=== Begin Enclosure ===

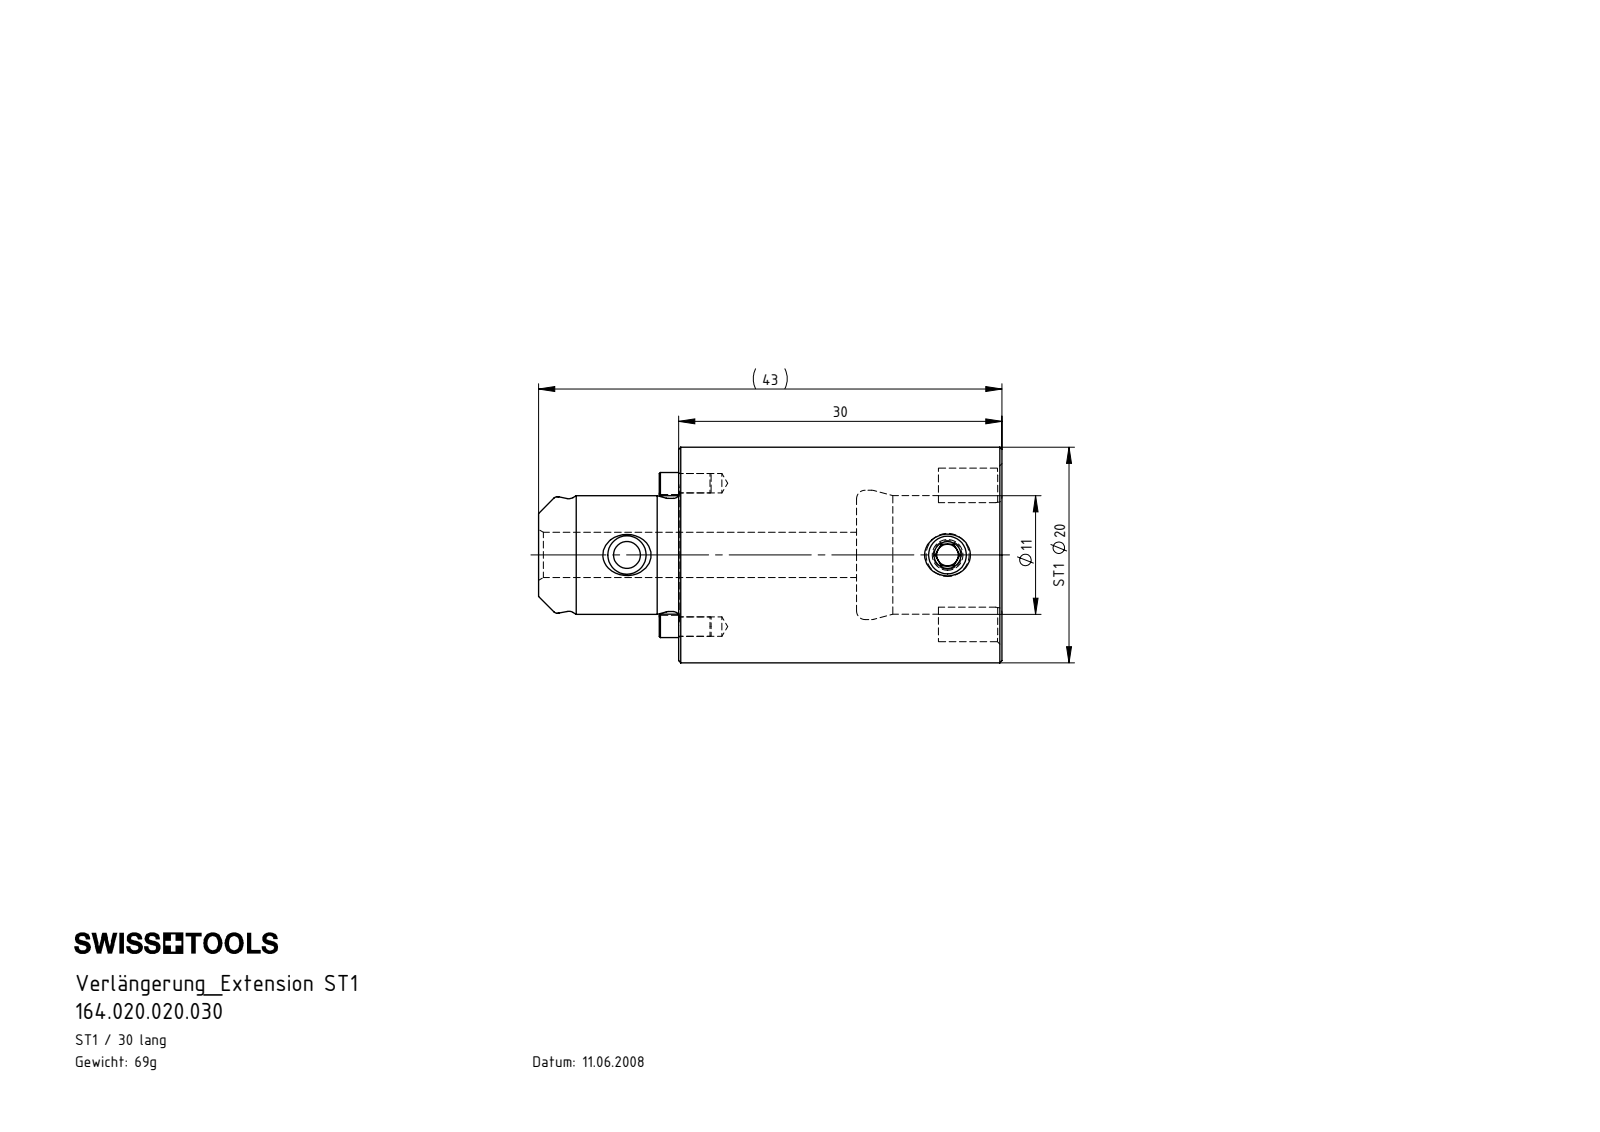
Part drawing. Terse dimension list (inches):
name: ST1-ER2.001.005_A; ST1-ST1.K01.030_A; ST1-ER1.001.005_A; ST1-ST1.K01.030
written by: SolidWorks 2015 (CONFIG_CONTROL_DESIGN)
unit: in
bodies: 4 solids, 146 faces (26 planar, 43 cylindrical, 77 other)
size: 1.693 × 0.787 × 0.787
volume: 0.534 in³; area: 6.268 in²
holes: 2× ⌀0.071, 1× ⌀0.098, 1× ⌀0.138, 1× ⌀0.165, 1× ⌀0.433, 1× ⌀0.472
bosses: 1× ⌀0.787, 1× ⌀0.425, 1× ⌀0.413, 1× ⌀0.157
rounds: 4× R0.012, 2× R0.051, 2× R0.058, 2× R0.219
face distances: 1.181, 0.531, 0.65, 0.368, 0.512, 1.161, 1.693, 1.461, 0.949, 0.299
hole spacings: 0.262, 0.524, 1.171
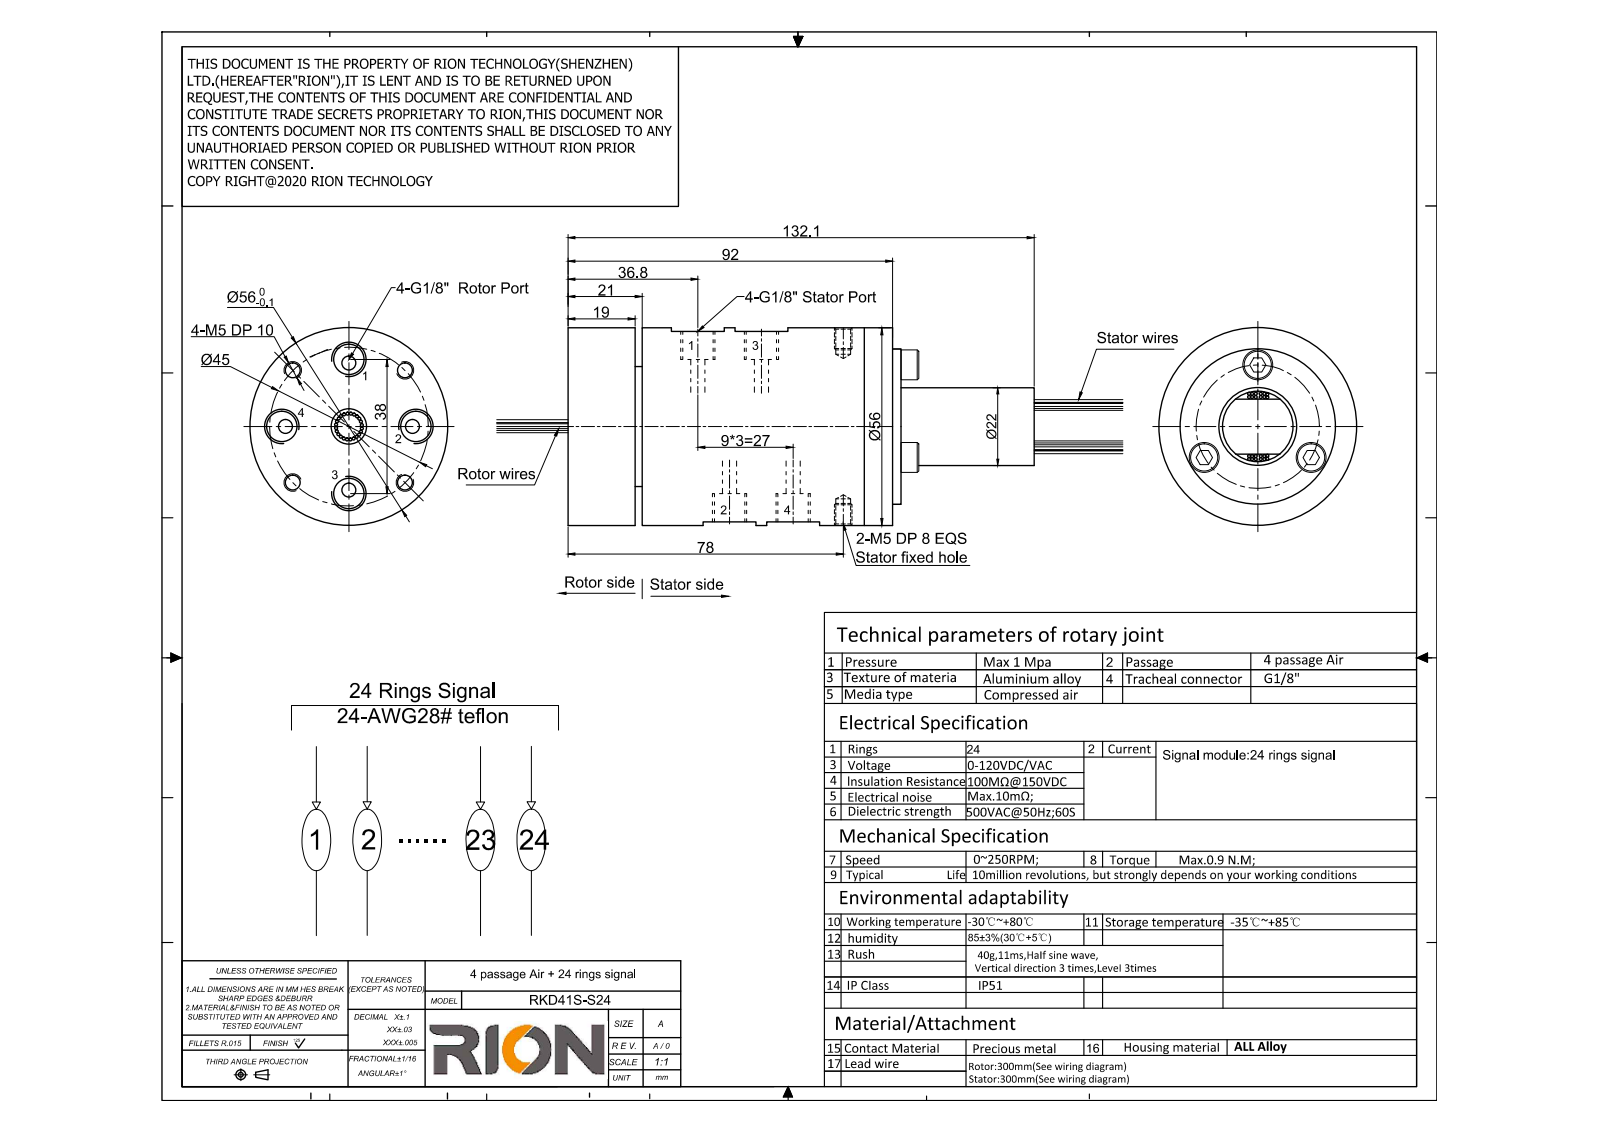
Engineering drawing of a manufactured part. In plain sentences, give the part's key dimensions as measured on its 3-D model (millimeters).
The part is named "RKD41S-S24". Its 3-D file was written by "SolidWorks 2014 (CONFIG_CONTROL_DESIGN)". It is 1 solid with 305 faces: 106 planar, 165 cylindrical and 34 other. Overall it measures 172 by 56 by 56 millimeters. Its volume is 235 468 cubic millimeters and its surface area 33 904 square millimeters. Round holes: 9 of diameter 4, 8 of diameter 8.8, 5 of diameter 4.2, 1 of diameter 9.5, 1 of diameter 20. Round bosses or shafts: 48 of diameter 0.8, 3 of diameter 8.5, 1 of diameter 56, 1 of diameter 44, 1 of diameter 34, 1 of diameter 22, 1 of diameter 19.9. The main face-to-face distances are 19, 21, 2, 94.4, 75.4, 73.4, 92, 73, 71, 2.4. The hole center spacings are 16.05, 16.21, 26.17, 37.46, 38.36, 18, 1, 19.
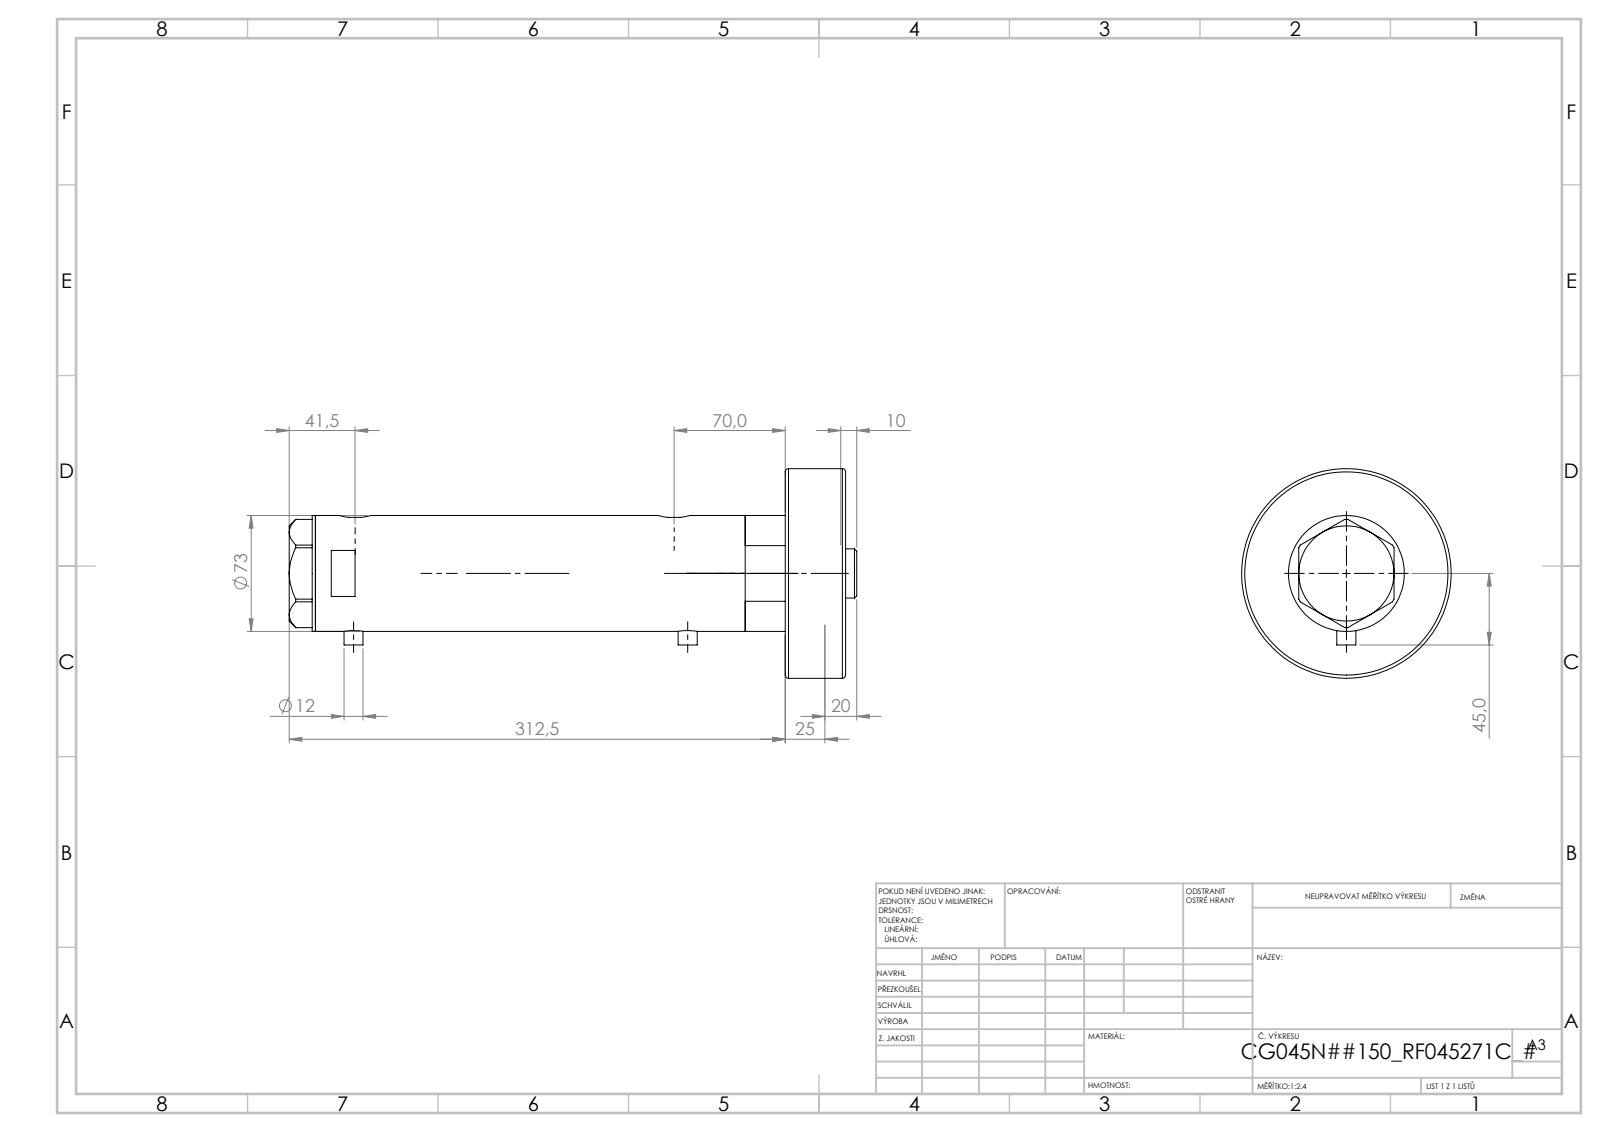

=== End Enclosure ===

### PROBLEM REQUIREMENTS:
From the material above, please return each line containing "millimeters".

### SOLUTION FOR THIS TASK:
Engineering drawing of a manufactured part. In plain sentences, give the part's key dimensions as measured on its 3-D model (millimeters).
The part is named "RKD41S-S24". Its 3-D file was written by "SolidWorks 2014 (CONFIG_CONTROL_DESIGN)". It is 1 solid with 305 faces: 106 planar, 165 cylindrical and 34 other. Overall it measures 172 by 56 by 56 millimeters. Its volume is 235 468 cubic millimeters and its surface area 33 904 square millimeters. Round holes: 9 of diameter 4, 8 of diameter 8.8, 5 of diameter 4.2, 1 of diameter 9.5, 1 of diameter 20. Round bosses or shafts: 48 of diameter 0.8, 3 of diameter 8.5, 1 of diameter 56, 1 of diameter 44, 1 of diameter 34, 1 of diameter 22, 1 of diameter 19.9. The main face-to-face distances are 19, 21, 2, 94.4, 75.4, 73.4, 92, 73, 71, 2.4. The hole center spacings are 16.05, 16.21, 26.17, 37.46, 38.36, 18, 1, 19.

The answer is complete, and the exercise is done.